Self-care is very important and I think I’ve learned a lot from different jobs. As a youth coordinator, I was working with youth who were street involved, used substances, were sex workers, or had mental health issues. Stress is one of those things that easily transfer from person to person so you really need to manage your boundaries and learn how to take care of yourself.

Burnout is a very real problem with coding and I think I’ll survive by pacing myself and doing other things like exercising, eating right, and getting enough sleep. One of my goals is to make sure that I spend enough time in study groups because nothing really beats the experience of working alongside people who have the same questions you do.

How did you hear about Codify Academy? What made you pick it over the other bootcamps?

I actually found out about Codify through a Facebook Ad that mentioned part-time course for development for full-time workers. I went to their website, reviewed their curriculum, and read the reviews from students on Course Report.

What was the application process like?

The application process involved talking to the founder, Sam, over the phone. We talked about my relationship with code, why I wanted to do Codify, and what I was hoping to get out of the program. After that, I met them in person and saw the space; we discussed what I was looking for in a learning environment.

I really appreciated this application process since it wasn’t just a one-way street; they want to make sure it’s a good fit on both sides. Their goal is to make sure that you’re getting something out of the program, otherwise they won’t accept you.

Another reason I liked the process was that it was very human and involved a lot of interaction. Some bootcamps have a different approach which is closer to applying to a traditional job or to college — fill out this application, do a coding challenge, then we’ll talk later. I think that’s a bit dehumanizing whereas Codify tries to develop a different culture.

Any tips for other Codify applicants?

If you’re going to apply, really question whether this is something you want to do. It’s important to figure out whether you’re comfortable sacrificing a good amount of your free time, if not most of it. When talking with Codify, really make the connection between who you are and what coding will do for your life. Talk about how you plan to contribute back to the world and the Codify network.

I think a great thing about Codify is their alumni network; they really try to maintain connections between students, graduates, and recruiters/employers.

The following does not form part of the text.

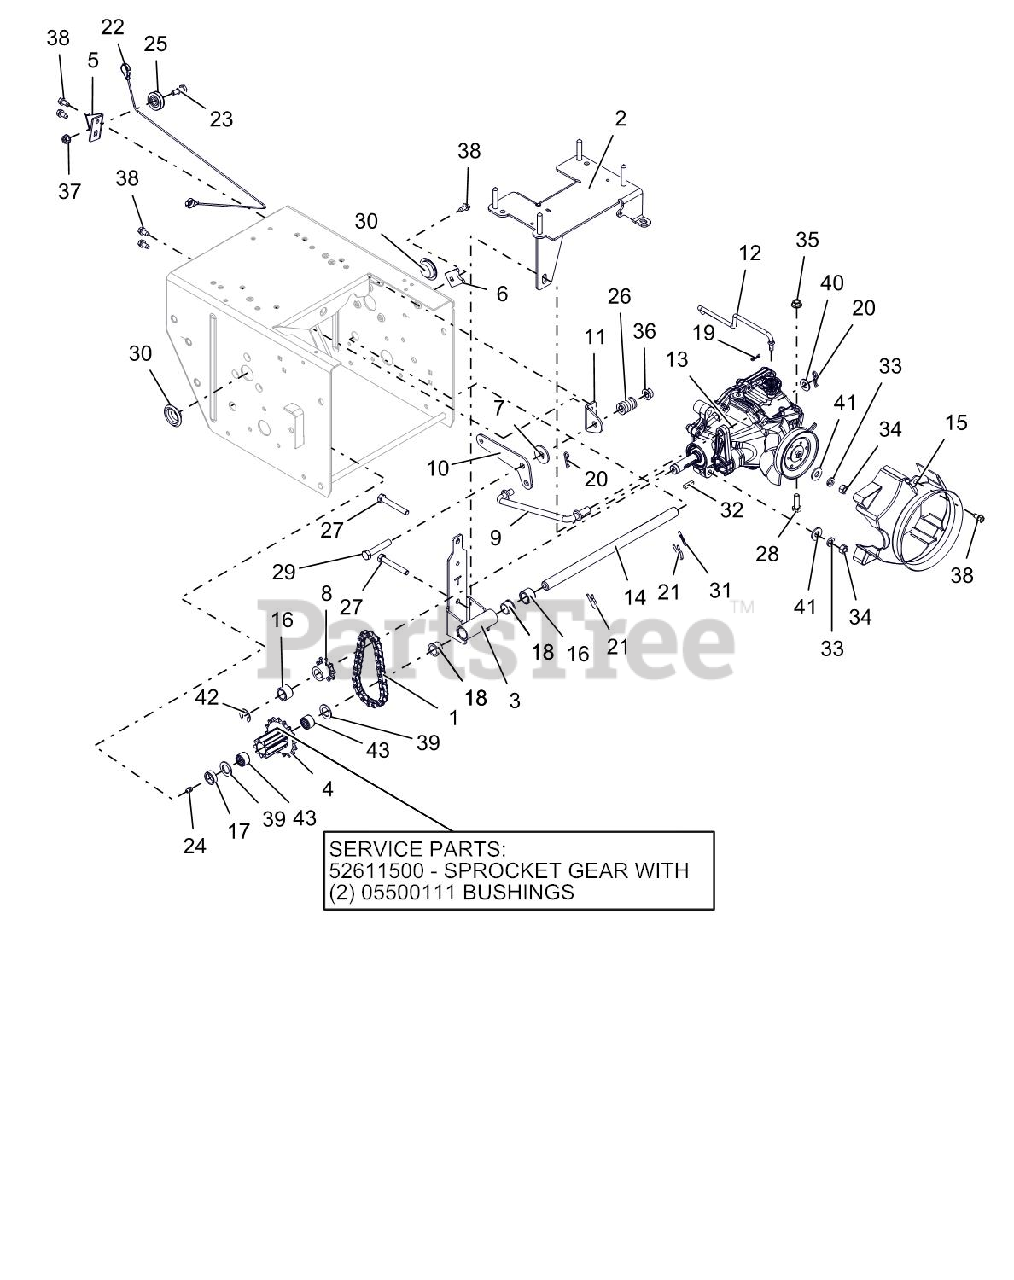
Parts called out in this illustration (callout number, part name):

Why did you pick WeFinance over a bank?

One of the things I love about WeFinance is that you aren’t looking for a new way to do something, but getting back to the heart of how things have been done traditionally and making that process easier.

WeFinance goes back to the old way where you’re asking people you know for a loan. The great thing is that WeFinance formalizes the process. You start by asking people you know and then you go to people you don’t know, with recommendations. I also like that you’re not asking for a handout, but a loan. There’s more incentive for people to invest in something where they’ll get a return.

With banks, oftentimes the numbers and interest rates aren’t very fair for the borrower and are very predatory. WeFinance takes things back to the way they used to be but just makes it easier through technology.

How has your experience with creating a WeFinance campaign been? How did you pick your interest rate and deferral period?

The process of creating a campaign was easy and choosing a grace period and interest was easy due to WeFinance’s suggestions.

Creating the page was easy. The hard part is the crowdfunding itself, but the end reward is worth it!

Any tips or tricks for creating a campaign?

You have to throw yourself out there. You can’t wait for people to come to you.

My biggest tip is to talk to individual people in-person. If you have to write, do not write mass emails. Write individual emails to individual people.